#ATTENDANCE QUIZ for Lecture 1 of Math251(Dr. Z.)
#EMAIL RIGHT AFTER CLASS (OR RIGHT AFTER YOU WATCHED THE VIDEO) THE EDITED VERSION OF
#THIS .txt FILE (WITH YOUR ANSWERS)
#TO:
#DrZcalc3@gmail.com
#Subject: q1
#with an ATTACHMENT CALLED:
#q1FirstLast.txt
#(e.g. q1DoronZeilberger.txt)



#ANSWERS TO RANDOM FACTS IN THE LECTURE

# A. ACCORDING TO Dr.
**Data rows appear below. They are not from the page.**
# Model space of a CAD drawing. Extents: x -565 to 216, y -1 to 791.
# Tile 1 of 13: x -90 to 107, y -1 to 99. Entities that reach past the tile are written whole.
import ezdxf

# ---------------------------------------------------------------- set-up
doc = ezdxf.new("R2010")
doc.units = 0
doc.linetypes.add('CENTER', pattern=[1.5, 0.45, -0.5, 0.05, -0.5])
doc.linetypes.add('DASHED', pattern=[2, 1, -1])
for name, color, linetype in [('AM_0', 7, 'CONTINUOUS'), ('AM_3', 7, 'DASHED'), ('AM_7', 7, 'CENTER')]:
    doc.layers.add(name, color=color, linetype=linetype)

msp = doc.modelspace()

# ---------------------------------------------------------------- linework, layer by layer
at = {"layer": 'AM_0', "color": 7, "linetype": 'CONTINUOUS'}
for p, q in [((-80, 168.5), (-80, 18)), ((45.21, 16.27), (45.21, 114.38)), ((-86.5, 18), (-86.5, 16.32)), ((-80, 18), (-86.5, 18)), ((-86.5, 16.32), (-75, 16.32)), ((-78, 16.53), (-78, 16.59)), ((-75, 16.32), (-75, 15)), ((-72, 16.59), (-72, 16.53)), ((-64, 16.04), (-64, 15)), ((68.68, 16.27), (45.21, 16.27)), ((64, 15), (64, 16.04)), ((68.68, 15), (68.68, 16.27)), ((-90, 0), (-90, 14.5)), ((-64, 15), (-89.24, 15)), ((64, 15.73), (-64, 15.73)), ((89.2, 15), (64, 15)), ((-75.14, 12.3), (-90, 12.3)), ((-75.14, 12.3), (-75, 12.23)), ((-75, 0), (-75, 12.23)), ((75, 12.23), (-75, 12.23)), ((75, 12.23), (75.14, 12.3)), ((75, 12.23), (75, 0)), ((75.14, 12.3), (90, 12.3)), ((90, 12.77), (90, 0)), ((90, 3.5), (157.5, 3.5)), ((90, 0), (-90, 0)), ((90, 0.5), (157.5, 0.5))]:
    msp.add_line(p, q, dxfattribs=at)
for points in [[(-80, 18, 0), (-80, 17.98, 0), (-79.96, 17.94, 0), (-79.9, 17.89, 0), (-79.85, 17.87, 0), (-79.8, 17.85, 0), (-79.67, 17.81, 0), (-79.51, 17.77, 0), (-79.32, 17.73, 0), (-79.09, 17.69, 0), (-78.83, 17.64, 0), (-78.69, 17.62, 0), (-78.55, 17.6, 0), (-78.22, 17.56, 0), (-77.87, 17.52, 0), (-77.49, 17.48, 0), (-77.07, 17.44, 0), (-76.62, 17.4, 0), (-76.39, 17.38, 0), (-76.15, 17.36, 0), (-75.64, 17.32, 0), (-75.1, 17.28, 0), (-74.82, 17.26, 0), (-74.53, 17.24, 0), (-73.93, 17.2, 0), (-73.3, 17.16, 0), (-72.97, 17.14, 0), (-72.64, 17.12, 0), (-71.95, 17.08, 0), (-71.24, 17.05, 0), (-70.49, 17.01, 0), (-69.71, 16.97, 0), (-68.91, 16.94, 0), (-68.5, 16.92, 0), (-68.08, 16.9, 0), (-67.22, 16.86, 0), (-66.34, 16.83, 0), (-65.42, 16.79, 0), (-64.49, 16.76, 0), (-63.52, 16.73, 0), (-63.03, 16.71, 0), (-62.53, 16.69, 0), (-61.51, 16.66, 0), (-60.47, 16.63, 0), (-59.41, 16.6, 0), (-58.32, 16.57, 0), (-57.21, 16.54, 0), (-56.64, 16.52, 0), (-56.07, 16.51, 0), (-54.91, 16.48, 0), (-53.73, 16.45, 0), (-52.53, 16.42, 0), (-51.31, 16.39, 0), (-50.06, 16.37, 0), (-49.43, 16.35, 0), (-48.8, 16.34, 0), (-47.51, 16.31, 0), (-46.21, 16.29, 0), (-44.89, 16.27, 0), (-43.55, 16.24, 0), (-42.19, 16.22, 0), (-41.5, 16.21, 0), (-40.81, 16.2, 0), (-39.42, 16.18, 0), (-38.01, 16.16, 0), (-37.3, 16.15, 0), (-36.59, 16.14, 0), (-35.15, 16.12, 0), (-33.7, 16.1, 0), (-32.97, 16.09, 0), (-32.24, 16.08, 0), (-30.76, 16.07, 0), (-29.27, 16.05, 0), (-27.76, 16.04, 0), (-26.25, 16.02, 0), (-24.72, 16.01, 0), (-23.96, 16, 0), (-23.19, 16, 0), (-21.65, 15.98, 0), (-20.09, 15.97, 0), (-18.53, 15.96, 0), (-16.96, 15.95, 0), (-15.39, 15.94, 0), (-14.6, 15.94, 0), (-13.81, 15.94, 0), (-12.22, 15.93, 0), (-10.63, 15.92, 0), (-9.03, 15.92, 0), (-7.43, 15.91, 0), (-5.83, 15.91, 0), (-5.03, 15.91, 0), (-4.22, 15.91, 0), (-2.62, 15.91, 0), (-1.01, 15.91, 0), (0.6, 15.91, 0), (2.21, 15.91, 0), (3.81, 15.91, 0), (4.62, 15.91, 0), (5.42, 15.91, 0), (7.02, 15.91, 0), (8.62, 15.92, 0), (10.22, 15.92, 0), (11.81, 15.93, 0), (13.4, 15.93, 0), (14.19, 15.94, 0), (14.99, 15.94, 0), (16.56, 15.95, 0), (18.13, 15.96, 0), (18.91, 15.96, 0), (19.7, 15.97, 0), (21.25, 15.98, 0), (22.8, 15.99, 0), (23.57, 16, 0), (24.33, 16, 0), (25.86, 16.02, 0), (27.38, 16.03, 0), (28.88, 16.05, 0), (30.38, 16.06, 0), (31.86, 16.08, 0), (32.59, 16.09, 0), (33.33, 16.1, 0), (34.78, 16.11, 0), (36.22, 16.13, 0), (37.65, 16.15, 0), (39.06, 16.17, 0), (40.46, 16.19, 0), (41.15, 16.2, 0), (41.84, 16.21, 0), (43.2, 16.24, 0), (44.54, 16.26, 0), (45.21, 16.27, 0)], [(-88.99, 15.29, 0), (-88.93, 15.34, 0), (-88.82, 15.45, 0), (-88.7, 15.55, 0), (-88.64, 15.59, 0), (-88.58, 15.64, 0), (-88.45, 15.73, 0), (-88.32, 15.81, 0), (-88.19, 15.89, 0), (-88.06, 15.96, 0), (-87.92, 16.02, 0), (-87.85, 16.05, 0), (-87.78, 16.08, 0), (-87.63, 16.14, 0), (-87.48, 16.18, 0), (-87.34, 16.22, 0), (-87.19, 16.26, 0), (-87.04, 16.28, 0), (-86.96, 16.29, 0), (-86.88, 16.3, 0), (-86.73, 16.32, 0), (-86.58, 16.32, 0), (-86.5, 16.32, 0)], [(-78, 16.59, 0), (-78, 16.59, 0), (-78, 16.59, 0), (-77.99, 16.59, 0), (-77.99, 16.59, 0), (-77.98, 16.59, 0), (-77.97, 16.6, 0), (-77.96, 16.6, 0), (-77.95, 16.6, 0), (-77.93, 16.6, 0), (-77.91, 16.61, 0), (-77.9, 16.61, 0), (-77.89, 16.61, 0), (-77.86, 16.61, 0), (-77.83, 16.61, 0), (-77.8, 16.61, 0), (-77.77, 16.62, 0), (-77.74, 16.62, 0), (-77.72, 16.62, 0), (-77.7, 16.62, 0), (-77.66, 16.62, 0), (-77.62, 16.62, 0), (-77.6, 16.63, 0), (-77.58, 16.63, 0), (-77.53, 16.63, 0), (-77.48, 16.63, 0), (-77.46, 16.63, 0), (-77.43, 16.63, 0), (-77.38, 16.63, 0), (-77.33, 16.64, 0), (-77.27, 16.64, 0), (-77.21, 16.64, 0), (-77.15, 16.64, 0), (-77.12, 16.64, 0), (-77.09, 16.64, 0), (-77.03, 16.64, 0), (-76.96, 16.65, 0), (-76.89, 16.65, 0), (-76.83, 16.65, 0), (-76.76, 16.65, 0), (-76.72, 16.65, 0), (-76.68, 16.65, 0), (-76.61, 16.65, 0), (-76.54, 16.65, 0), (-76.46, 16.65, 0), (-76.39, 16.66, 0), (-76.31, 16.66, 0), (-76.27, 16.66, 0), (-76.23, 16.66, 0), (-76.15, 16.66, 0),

Z. THE TOP THREE SCIENTISTS OF ALL TIME ARE: Archimedes, Newton, Einstein

# B. WHAT BRANCH OF AI USES Multivariable calculus?: Deep Learning and Neural Nets are based on Multivariable calculus

# C. WHAT IS THE "DISTANCE" IN SPECIAL RELATIVITY?: The "distance" in Relativity between two events (x1,y1,z1,t1) and (x2,y2,z2,t2) is sqrt ((x2-x1)^2+ (y2-y1)^2+ (z2-z1)^2- c^2*(t2-t1)^2).


##THE ACTUAL QUIZ:

#1. Show that the triangle with vertices 
#P=[1,0,0], Q=[0,1,0], R=[0,0,1]  is an equilateral triangle.



#YOUR SOLUTION HERE (EXPLAIN ALL THE STEPS)

#Step 1 is to check the distances from each vertex to another.
#Distance of P and Q = sqrt((0-0)^2 + (1-0)^2 + (0-1)^2) = sqrt(2)
#Distance of P and R = sqrt((1-0)^2 + (0-0)^2 + (0-1)^2) = sqrt(2)
#Distance of Q and R = sqrt((1-0)^2 + (0-1)^2 + (0-0)^2) = sqrt(2)

#Since all of these distances are sqrt(2) and therefore all equal, this means that this is an equilateral triangle since all sides are equal.




#2.  Determine whether the following two lines ever meet.
#If they do meet, where?

#r1(t)=[1,0,0]+ t*[1,2,3]

#r2(t)=[0,1,0]+ t*[2,1,3]

#YOUR SOLUTION HERE(EXPLAIN ALL THE STEPS)

#Step 1 is to expand the equations and simplify.
#r1(t) = [1, 0, 0] + [t, 2t, 3t] = [t+1, 2t, 3t]
#r2(t) = [0, 1, 0] + [2t, t, 3t] = [2t, t+1, 3t]

#Step 2 is to set the z, y, and x equal to each other.
#[t+1=2t, 2t=t+1, 3t=3t]

#Step 3 is to see if there is a consistent solution amongst all 3 equations.
#[t=1, t=1, INF SOLUTIONS]

#The two lines, r1(t) and r2(t), meet because they intersect at x = 1, y = 1, and z = ANYTHING.